_Task goal_
Quote, without any change, the line that contains "Catalogue drawing. Say" and all lines that follow it to the end of the data below.

_Records for the task_
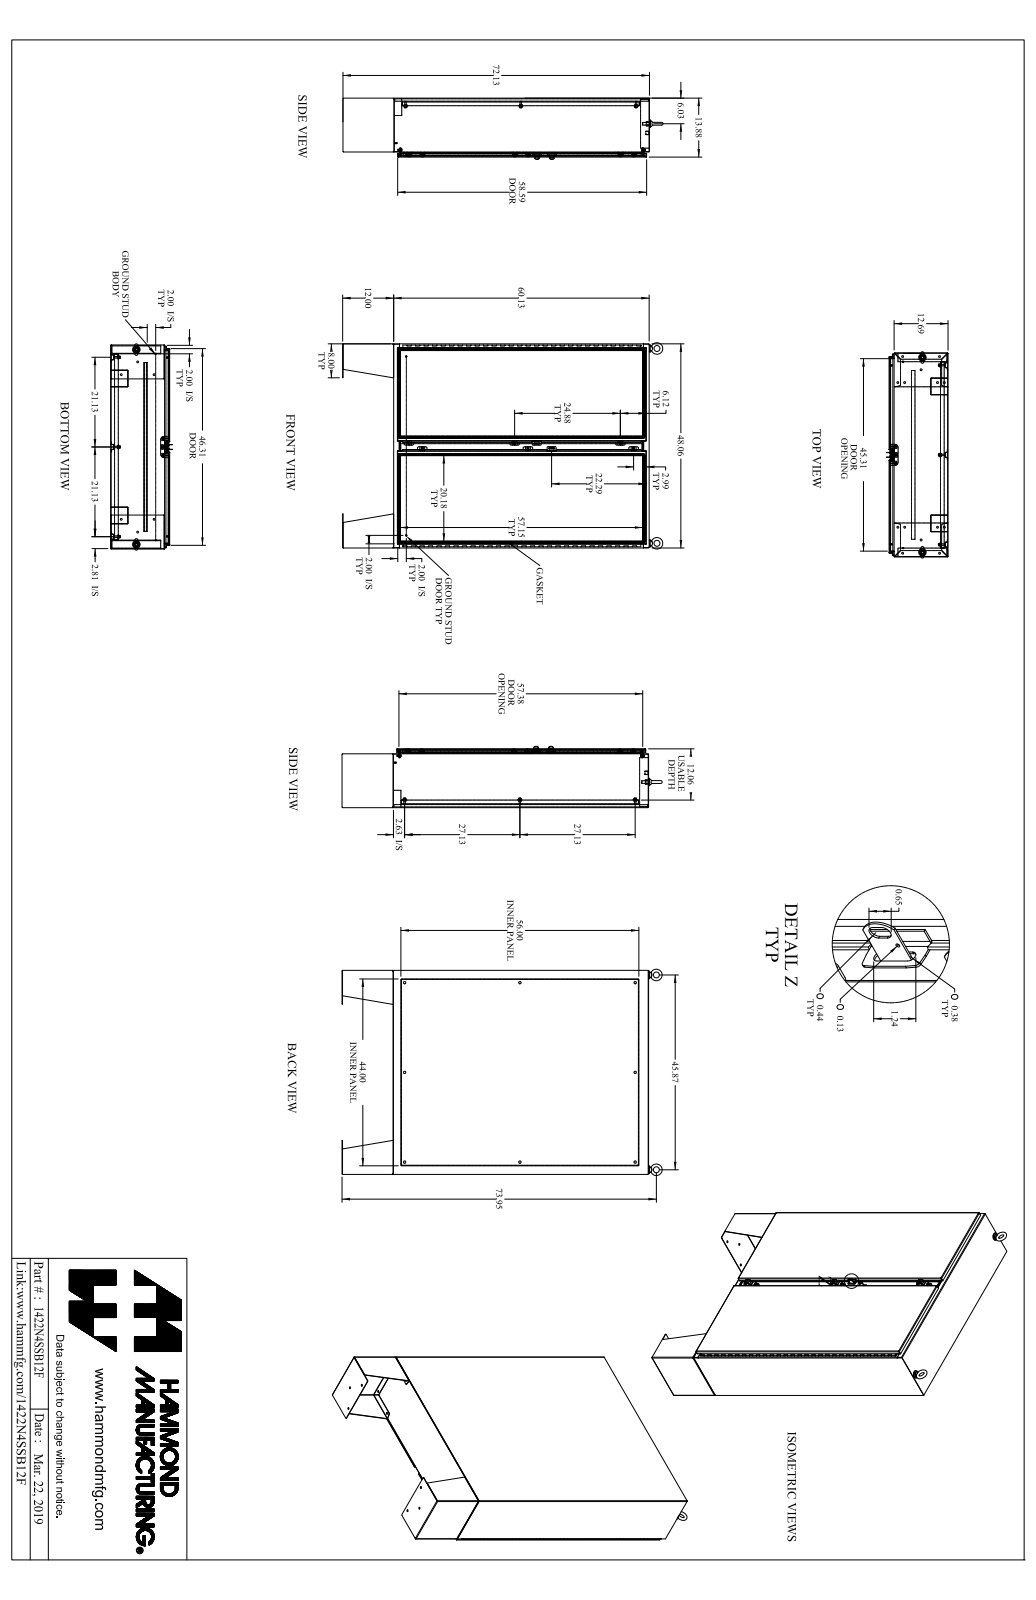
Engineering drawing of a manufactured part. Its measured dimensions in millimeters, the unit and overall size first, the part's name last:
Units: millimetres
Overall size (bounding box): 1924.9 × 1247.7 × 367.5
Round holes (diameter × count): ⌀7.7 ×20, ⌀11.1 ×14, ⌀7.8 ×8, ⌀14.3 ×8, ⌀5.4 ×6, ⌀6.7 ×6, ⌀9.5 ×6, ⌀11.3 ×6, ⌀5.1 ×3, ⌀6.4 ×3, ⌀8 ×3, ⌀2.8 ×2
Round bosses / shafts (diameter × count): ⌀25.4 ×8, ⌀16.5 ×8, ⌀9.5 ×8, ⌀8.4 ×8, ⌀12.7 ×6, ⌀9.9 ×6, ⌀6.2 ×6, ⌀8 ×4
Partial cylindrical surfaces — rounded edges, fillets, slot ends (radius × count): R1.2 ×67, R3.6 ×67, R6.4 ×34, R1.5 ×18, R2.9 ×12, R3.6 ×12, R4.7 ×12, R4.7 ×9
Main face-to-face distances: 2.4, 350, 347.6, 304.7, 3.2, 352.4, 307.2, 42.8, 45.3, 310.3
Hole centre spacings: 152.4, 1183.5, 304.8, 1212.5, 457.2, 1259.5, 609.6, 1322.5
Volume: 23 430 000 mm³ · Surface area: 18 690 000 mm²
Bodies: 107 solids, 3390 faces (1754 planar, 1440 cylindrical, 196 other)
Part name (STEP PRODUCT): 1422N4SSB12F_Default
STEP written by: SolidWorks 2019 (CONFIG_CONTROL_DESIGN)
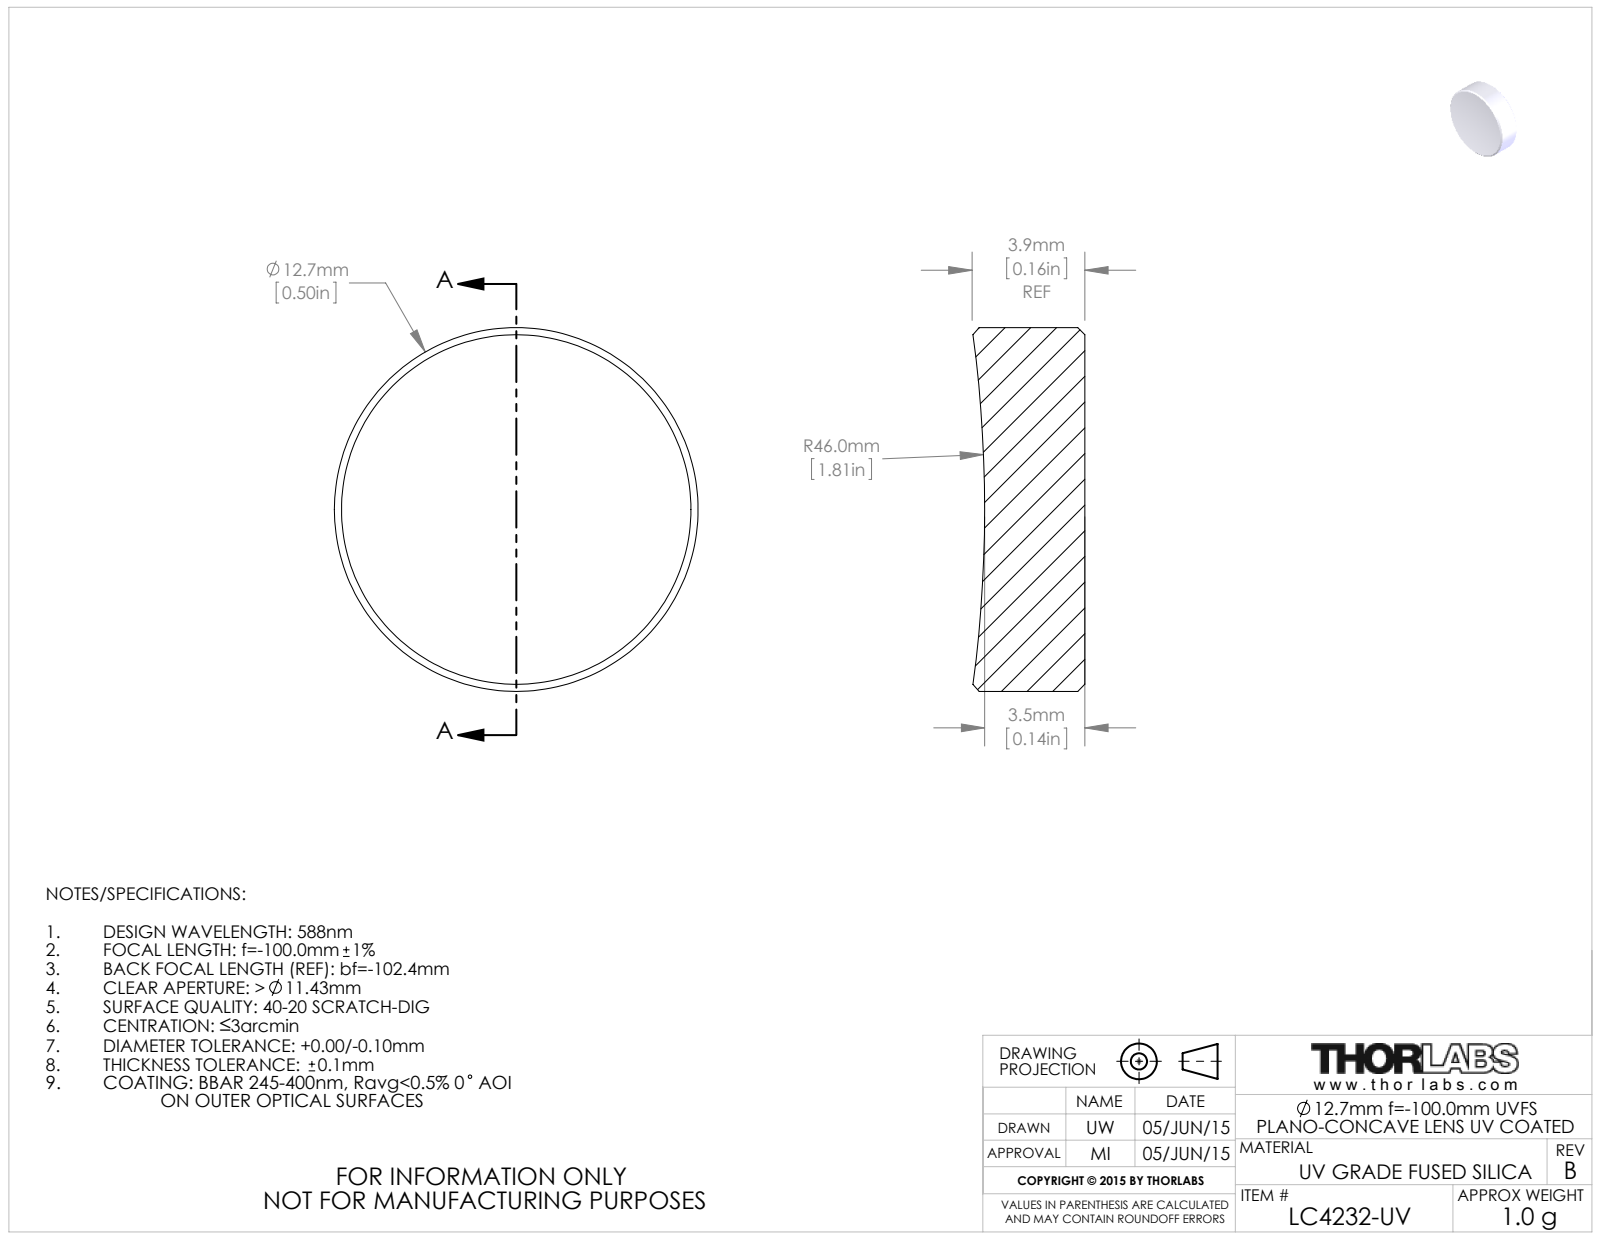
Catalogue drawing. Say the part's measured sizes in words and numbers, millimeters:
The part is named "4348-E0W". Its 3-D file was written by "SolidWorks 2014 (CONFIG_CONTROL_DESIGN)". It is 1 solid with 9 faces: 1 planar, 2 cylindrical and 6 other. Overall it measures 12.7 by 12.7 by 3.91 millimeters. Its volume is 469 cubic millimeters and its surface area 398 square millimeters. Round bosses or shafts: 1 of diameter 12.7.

_Written answer_
Catalogue drawing. Say the part's measured sizes in words and numbers, millimeters:
The part is named "4348-E0W". Its 3-D file was written by "SolidWorks 2014 (CONFIG_CONTROL_DESIGN)". It is 1 solid with 9 faces: 1 planar, 2 cylindrical and 6 other. Overall it measures 12.7 by 12.7 by 3.91 millimeters. Its volume is 469 cubic millimeters and its surface area 398 square millimeters. Round bosses or shafts: 1 of diameter 12.7.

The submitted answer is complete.